▶ _SOURCE DATA_
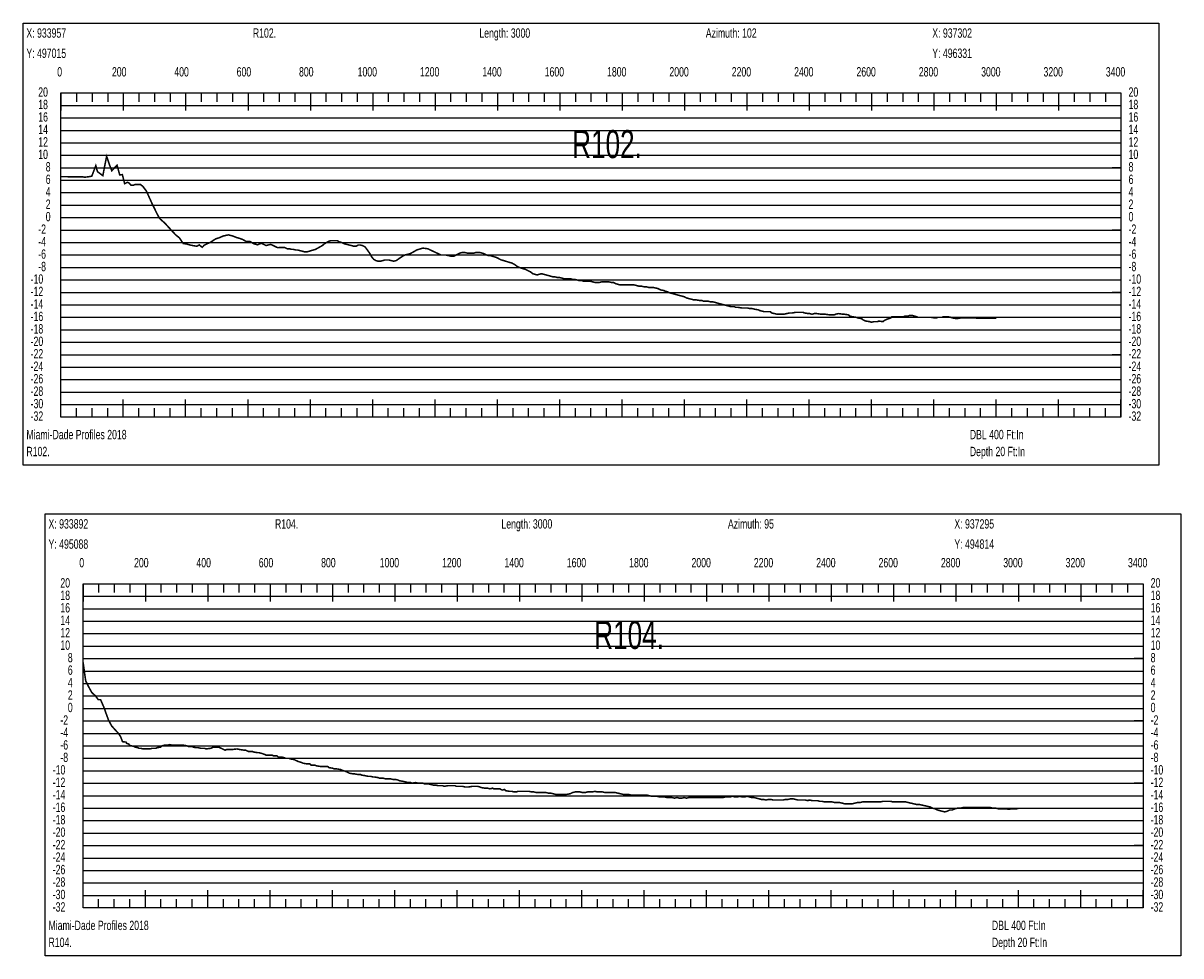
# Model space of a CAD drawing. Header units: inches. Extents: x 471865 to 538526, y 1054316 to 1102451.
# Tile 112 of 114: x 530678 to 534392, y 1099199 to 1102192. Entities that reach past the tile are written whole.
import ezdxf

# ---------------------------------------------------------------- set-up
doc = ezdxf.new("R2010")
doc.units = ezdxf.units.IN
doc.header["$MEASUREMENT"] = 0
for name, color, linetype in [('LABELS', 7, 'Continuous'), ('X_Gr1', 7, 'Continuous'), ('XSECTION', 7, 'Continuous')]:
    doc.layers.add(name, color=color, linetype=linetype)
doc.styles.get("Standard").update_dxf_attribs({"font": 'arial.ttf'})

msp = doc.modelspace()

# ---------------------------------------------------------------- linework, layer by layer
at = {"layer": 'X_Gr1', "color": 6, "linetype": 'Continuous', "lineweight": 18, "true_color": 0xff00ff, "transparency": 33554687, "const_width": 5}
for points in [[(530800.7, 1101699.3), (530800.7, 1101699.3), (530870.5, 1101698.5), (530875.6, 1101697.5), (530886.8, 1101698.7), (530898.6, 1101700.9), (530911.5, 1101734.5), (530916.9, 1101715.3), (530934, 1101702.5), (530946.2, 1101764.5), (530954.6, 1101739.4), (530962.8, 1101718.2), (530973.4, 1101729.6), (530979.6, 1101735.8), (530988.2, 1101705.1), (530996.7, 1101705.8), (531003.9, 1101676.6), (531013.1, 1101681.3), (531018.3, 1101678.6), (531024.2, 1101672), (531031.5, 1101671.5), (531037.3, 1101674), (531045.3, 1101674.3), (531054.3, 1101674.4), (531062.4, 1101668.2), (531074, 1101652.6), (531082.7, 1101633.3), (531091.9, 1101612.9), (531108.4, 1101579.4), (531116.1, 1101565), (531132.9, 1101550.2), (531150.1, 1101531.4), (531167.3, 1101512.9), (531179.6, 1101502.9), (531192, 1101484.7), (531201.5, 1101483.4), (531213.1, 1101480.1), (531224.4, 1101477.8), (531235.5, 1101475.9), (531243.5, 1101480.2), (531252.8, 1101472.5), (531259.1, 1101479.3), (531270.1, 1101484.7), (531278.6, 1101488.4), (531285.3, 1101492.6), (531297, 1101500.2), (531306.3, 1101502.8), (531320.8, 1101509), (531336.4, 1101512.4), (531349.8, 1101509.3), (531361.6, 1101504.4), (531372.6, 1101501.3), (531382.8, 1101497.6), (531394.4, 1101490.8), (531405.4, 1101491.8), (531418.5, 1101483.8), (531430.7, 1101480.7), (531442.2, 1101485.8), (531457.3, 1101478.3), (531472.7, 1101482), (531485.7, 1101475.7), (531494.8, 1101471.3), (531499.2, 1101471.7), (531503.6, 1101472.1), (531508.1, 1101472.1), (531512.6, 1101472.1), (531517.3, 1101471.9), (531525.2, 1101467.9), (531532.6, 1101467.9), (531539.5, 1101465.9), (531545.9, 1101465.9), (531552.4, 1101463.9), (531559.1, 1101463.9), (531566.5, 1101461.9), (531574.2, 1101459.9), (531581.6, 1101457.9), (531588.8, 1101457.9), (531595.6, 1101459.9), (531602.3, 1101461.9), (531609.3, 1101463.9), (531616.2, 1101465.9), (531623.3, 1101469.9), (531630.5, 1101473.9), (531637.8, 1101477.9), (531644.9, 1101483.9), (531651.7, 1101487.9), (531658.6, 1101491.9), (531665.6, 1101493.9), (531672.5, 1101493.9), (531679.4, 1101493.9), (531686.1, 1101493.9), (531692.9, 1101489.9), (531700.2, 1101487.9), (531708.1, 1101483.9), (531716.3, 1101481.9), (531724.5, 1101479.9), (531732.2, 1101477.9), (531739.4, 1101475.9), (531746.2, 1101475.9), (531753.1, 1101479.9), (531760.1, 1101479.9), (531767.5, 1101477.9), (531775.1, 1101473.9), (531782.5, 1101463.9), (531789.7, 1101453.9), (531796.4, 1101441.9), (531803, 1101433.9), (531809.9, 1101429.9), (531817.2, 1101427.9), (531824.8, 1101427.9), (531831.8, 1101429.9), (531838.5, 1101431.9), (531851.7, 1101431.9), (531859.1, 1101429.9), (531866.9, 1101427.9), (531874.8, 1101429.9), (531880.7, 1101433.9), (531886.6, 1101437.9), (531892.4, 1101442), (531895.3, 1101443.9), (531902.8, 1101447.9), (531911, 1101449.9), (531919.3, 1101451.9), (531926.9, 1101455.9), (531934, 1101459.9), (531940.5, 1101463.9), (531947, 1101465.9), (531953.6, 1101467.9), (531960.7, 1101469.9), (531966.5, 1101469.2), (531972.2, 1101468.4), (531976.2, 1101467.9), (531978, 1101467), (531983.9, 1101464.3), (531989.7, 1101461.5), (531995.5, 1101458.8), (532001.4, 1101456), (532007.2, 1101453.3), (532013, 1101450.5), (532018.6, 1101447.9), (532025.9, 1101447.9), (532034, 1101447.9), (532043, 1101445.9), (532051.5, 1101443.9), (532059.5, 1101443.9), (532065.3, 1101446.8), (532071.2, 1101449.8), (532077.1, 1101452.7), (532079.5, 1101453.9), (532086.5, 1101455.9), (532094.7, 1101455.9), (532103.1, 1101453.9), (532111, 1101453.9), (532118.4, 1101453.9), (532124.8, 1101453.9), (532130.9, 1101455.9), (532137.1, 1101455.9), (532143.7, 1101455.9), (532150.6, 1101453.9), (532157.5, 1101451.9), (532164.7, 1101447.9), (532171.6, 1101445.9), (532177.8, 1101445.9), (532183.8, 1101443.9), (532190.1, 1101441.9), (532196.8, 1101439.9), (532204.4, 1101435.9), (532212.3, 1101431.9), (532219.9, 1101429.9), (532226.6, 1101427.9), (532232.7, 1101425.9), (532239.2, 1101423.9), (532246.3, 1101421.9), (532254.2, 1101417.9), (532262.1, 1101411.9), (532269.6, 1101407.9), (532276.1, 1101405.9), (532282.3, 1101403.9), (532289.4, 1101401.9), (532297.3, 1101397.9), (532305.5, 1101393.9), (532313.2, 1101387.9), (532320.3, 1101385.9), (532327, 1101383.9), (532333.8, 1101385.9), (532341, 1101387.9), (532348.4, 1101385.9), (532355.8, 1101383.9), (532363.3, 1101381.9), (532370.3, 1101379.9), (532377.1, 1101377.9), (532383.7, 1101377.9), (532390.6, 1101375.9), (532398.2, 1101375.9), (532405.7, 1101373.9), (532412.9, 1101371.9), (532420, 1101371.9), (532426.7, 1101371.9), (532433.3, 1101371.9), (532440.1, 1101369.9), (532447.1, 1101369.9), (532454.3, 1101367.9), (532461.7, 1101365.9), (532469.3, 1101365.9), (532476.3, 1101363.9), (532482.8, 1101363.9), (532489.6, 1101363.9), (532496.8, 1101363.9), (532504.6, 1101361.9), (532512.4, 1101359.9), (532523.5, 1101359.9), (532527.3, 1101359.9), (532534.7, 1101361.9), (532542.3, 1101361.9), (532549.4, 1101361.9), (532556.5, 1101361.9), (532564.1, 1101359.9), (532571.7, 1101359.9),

▶ _TRY IT_
Your output is the lines from the top of the entries through the line containing "layer by layer", exactly as they stand. No pictures belong in it.

▶ _WRITTEN SOLUTION_
# Model space of a CAD drawing. Header units: inches. Extents: x 471865 to 538526, y 1054316 to 1102451.
# Tile 112 of 114: x 530678 to 534392, y 1099199 to 1102192. Entities that reach past the tile are written whole.
import ezdxf

# ---------------------------------------------------------------- set-up
doc = ezdxf.new("R2010")
doc.units = ezdxf.units.IN
doc.header["$MEASUREMENT"] = 0
for name, color, linetype in [('LABELS', 7, 'Continuous'), ('X_Gr1', 7, 'Continuous'), ('XSECTION', 7, 'Continuous')]:
    doc.layers.add(name, color=color, linetype=linetype)
doc.styles.get("Standard").update_dxf_attribs({"font": 'arial.ttf'})

msp = doc.modelspace()

# ---------------------------------------------------------------- linework, layer by layer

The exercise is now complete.